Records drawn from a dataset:
((
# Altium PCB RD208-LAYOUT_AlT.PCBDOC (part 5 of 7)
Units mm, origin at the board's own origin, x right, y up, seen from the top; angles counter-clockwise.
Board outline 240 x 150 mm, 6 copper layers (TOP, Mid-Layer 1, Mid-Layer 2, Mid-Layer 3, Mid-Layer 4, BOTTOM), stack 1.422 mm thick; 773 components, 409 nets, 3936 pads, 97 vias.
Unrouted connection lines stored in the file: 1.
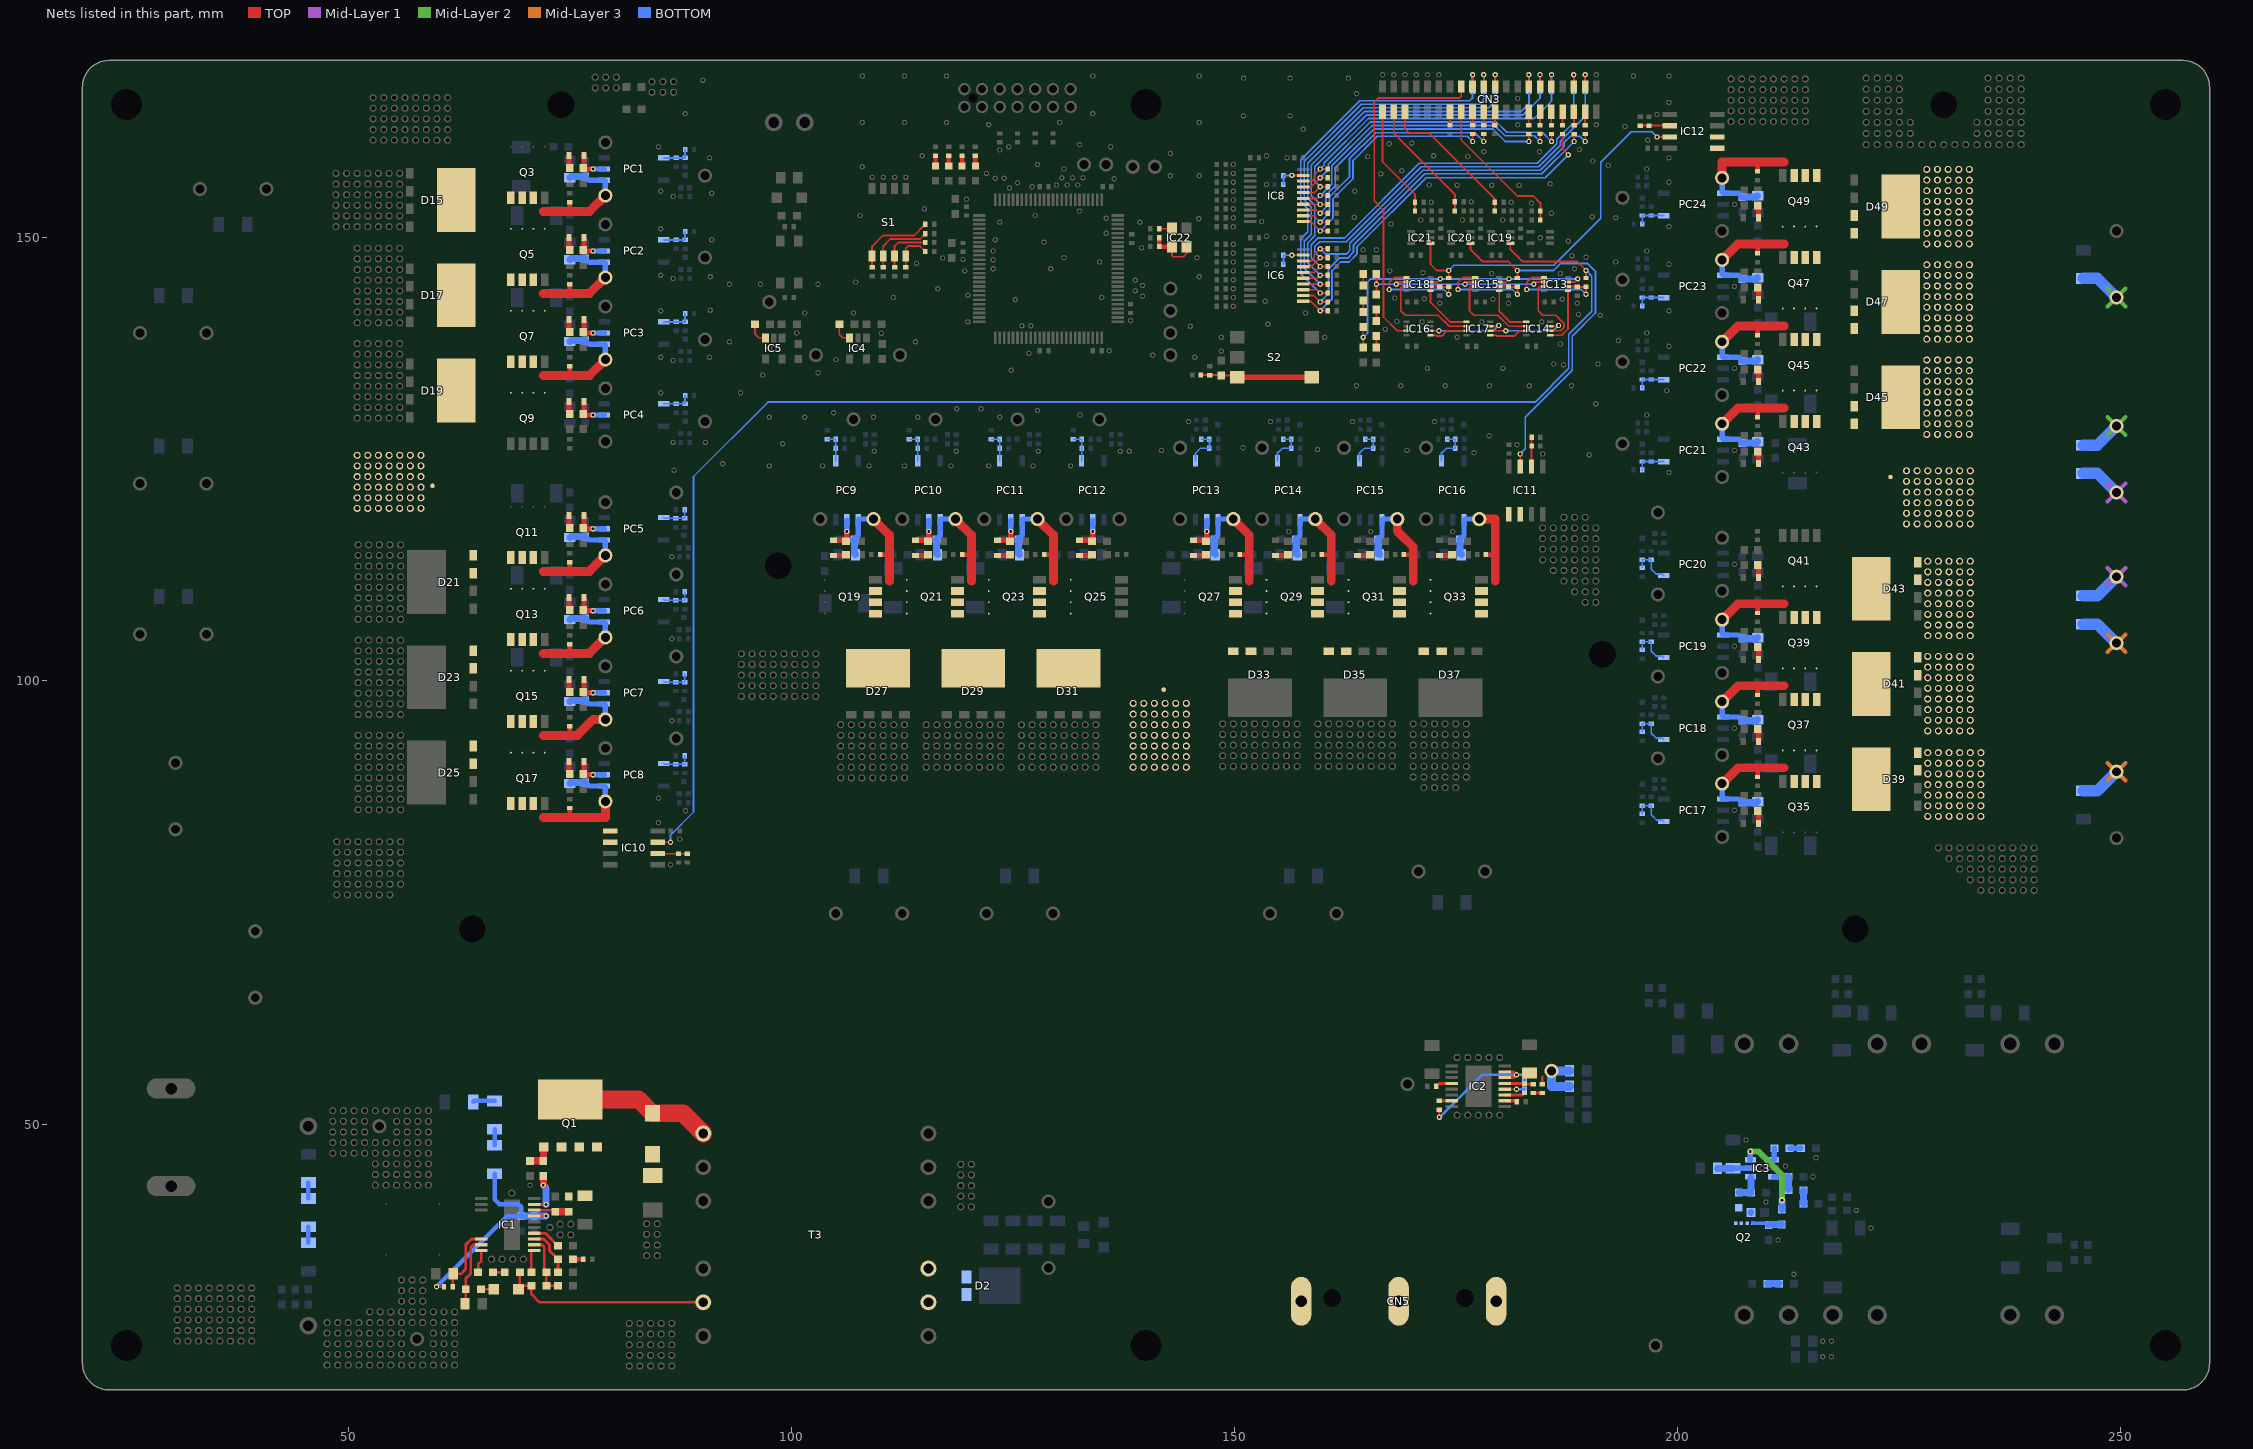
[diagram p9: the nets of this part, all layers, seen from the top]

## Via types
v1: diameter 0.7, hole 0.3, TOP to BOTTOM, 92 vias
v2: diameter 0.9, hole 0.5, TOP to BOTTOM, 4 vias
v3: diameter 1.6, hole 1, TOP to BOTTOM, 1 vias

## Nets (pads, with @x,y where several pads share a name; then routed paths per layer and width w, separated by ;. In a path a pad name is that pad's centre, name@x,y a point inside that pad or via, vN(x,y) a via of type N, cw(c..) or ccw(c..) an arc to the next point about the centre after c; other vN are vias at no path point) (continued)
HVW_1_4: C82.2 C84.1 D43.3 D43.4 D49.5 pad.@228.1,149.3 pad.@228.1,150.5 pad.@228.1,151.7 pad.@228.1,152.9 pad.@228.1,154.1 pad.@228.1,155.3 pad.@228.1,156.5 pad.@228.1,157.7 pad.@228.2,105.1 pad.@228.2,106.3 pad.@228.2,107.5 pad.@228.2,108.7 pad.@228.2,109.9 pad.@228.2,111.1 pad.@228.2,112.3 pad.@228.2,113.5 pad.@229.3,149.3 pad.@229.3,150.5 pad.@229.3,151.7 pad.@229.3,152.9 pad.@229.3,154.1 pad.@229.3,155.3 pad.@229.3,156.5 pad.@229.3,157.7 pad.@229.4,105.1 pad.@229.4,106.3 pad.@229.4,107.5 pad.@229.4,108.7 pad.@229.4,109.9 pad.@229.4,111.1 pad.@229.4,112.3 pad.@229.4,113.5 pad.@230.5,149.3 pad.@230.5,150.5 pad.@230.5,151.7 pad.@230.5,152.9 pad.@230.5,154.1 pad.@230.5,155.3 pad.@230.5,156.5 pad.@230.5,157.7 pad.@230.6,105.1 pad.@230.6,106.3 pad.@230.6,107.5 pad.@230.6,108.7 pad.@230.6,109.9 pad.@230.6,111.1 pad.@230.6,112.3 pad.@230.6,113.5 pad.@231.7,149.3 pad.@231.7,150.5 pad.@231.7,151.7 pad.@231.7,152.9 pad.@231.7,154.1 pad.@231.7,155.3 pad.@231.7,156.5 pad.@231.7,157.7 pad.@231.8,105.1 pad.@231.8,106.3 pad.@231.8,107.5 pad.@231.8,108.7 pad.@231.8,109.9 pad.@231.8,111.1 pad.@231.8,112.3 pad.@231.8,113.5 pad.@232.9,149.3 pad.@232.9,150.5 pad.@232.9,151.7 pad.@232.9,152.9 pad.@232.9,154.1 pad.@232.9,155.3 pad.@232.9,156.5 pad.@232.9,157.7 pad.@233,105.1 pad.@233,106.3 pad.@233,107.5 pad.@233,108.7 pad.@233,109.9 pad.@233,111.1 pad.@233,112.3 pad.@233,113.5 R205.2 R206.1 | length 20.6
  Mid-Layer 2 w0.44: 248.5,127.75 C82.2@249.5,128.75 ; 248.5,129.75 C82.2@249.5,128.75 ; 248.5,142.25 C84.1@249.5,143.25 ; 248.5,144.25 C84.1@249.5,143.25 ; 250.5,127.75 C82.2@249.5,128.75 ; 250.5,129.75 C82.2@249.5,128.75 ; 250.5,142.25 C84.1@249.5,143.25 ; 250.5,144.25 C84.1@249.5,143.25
))
**WHAT THIS TASK INVOLVES:** With the string "part" as the key, filter the data above and show the lines that match.

**WRITTEN RESPONSE:**
# Altium PCB RD208-LAYOUT_AlT.PCBDOC (part 5 of 7)
[diagram p9: the nets of this part, all layers, seen from the top]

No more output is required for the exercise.